During inspiratory phases (inhalation phases), the switching valve 44 is in 
a first position in which the control channel 42 is connected to the 
pressure tank 12 via a first gas connection 46. The expiratory valve 44 is 
then closed with the same actuating pressure (usually higher than the 
pressure of the breathing gas delivered to the patient 4) as the pressure 
in the pressure tank 12. 
During expiratory phases, the switching valve 44 is switched to a second 
position in which the expiratory valve 40 is connected to the atmosphere 
via the control channel 42, the switching valve 44 and a second gas 
connection 48. 
If a positive end-expiratory pressure (PEEP) is to be maintained for the 
patient 2, the control valve 14 is regulated so that a flow of gas is 
released through the gas flow channel 18 toward the patient 2, even during 
expiration. This flow of gas is controlled by the control unit 20 
according to the pressure and flow measured between the expiratory valve 
40 and the distal end 6A. This regulated flow of gas also flows out 
through the expiratory valve 40 but simultaneously serves as resistance in 
relation to the patient 4, who accordingly exhales against a pressure 
corresponding to the selected PEEP. 
This kind of PEEP regulation was not previously possible, especially not in 
portable ventilators. Here, the placement of pressure/flow measurement 
between the expiratory valve 40 and the distal end 6A (the patient 4) 

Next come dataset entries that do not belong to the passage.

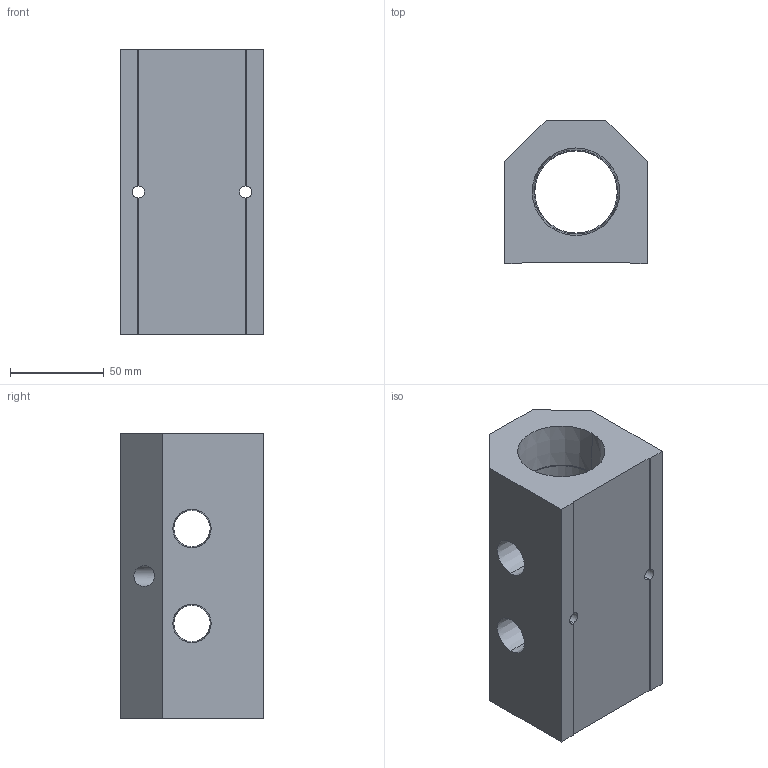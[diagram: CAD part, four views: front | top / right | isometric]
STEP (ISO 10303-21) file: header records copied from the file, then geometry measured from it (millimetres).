
FILE_DESCRIPTION (( 'STEP AP214' ), '1' );
FILE_NAME ('ALM2ACE-N8N24-152R.step', '2022-02-07T09:23:12', ( '' ), ( '' ), 'SwSTEP 2.0', 'SolidWorks 2020', '' );
FILE_SCHEMA (( 'AUTOMOTIVE_DESIGN' ));
Length unit declared in the file: millimetre
Products named in the file (1): ALM2ACE-N8N24-152R
Bounding box: 76.2 x 76.2 x 152 mm (x, y, z)
Volume: 529081.8 mm3; surface area: 76448.3 mm2
Topology: 1 solids, 1 shells, 303 faces, 807 edges, 534 vertices
Faces by surface type: plane 216, bspline 61, cone 16, cylinder 10
Entity records: 16747 total; most frequent: CARTESIAN_POINT 6608, ORIENTED_EDGE 1614, DIRECTION 1187, EDGE_CURVE 807, LINE 629, VECTOR 629, VERTEX_POINT 534, EDGE_LOOP 349
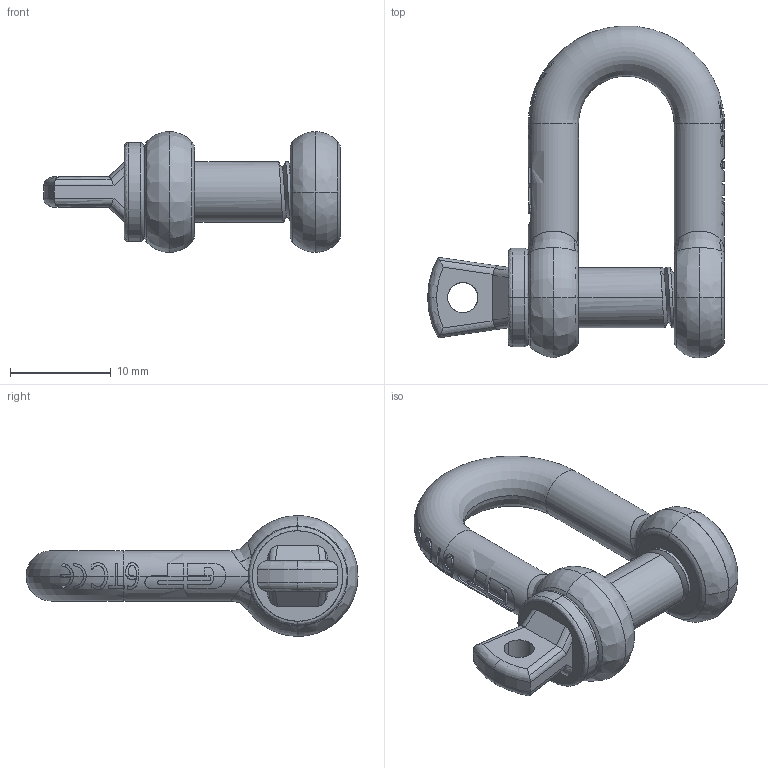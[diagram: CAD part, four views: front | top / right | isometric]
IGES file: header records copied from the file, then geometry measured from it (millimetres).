
Start section: START RECORD GO HERE.
Global section: file name: 0,33.igs; native system: IBM CATIA IGES - CATIA Version 5 Release 17 ; preprocessor: CATIA Version 5 Release 17 ; author: Jack; organization: P4; date: 20090807.081941; units: millimetre
Bounding box: 29.5 x 32.99 x 12 mm (x, y, z)
Surface area: 2311.1 mm2 (no closed solid volume)
Topology: 0 solids, 0 shells, 395 faces, 3035 edges, 3027 vertices
Faces by surface type: bspline 159, revolution 127, plane 109

plays a decisive role. PEEP cannot be regulated and maintained in this way 
unless information is available on pressure/flow at the patient 2. 
This location for pressure/flow measurement also produces other advantages. 
For example, the ventilator 4 can be made to respond more rapidly to any 
efforts by the patient 2 to inhale (i.e. triggering). The ventilator 4 can 
in particular respond immediately to any inspiration commenced during 
expiration. Flow will then be registered as moving towards the patient 2, 
and the control unit 20 can respond immediately, closing the expiratory 
valve 40 and introducing an inspiratory flow of gas. This flow commences 
relatively quickly, since a flow of gas is already being maintained 
through the gas flow channel 18. 
The placement of just about all the components in a common enclosure, with 
all the necessary gas channels arranged in the inspiratory tube 6, makes 
the ventilator 4 very compact and easy to use. The few parts (the 
enclosure and inspiratory tube 6) are interconnected in a suitable 
fashion. For example, known types of bayonet or pin (keyed) index 
connectors can be used. No additional cords or tubing, which could become 
entangled with each other or other objects, are needed. As noted above, 
the described embodiment is one advantageous version of a fully portable 
ventilator, but the embodiment can be utilized for a number of different 
applications. For example, it can be used as a home care ventilator for 
patients who do not require constant monitoring. It can also be used in 
ambulances or as an emergency ventilator. A third option is to use it for 
non-acute (non-critical care) treatment in hospitals. In other words, it 
can be employed for virtually every application for which a ventilator is 
needed. In all of these options, ventilator use is facilitated by the 
design of the inspiratory tube 6. 
The portable ventilator is battery-powered. The batteries can naturally be 
rechargeable, and the provision of a parallel AC power source is a an 
option. 
The ventilator does not need to incorporate every option. The ventilator 4 
can be devised in both simpler and more complex versions. In principle, a 
simple version includes the turbine 8, pressure tank 12, control valve 14, 
stepper motor 16, control unit 20, flow meter 22 (doubling as a pressure 
gauge), inspiratory tube 6 (with the channels 18, 24, 26 and 42), 
expiratory valve 40, switching valve 44 and batteries (not shown). This 
kind of simple version of the ventilator 4, utilizing existing components, 
can be manufactured in about the same size as a portable cassette or CD 
player, i.e. about 10.times.10.times.2 cm and weigh a few hundred grams. 
Although modifications and changes may be suggested by those skilled in the 
art, it is the intention of the inventor to embody within the patent 
warranted hereon all changes and modifications as reasonably and properly 
come within the scope of his contribution to the art.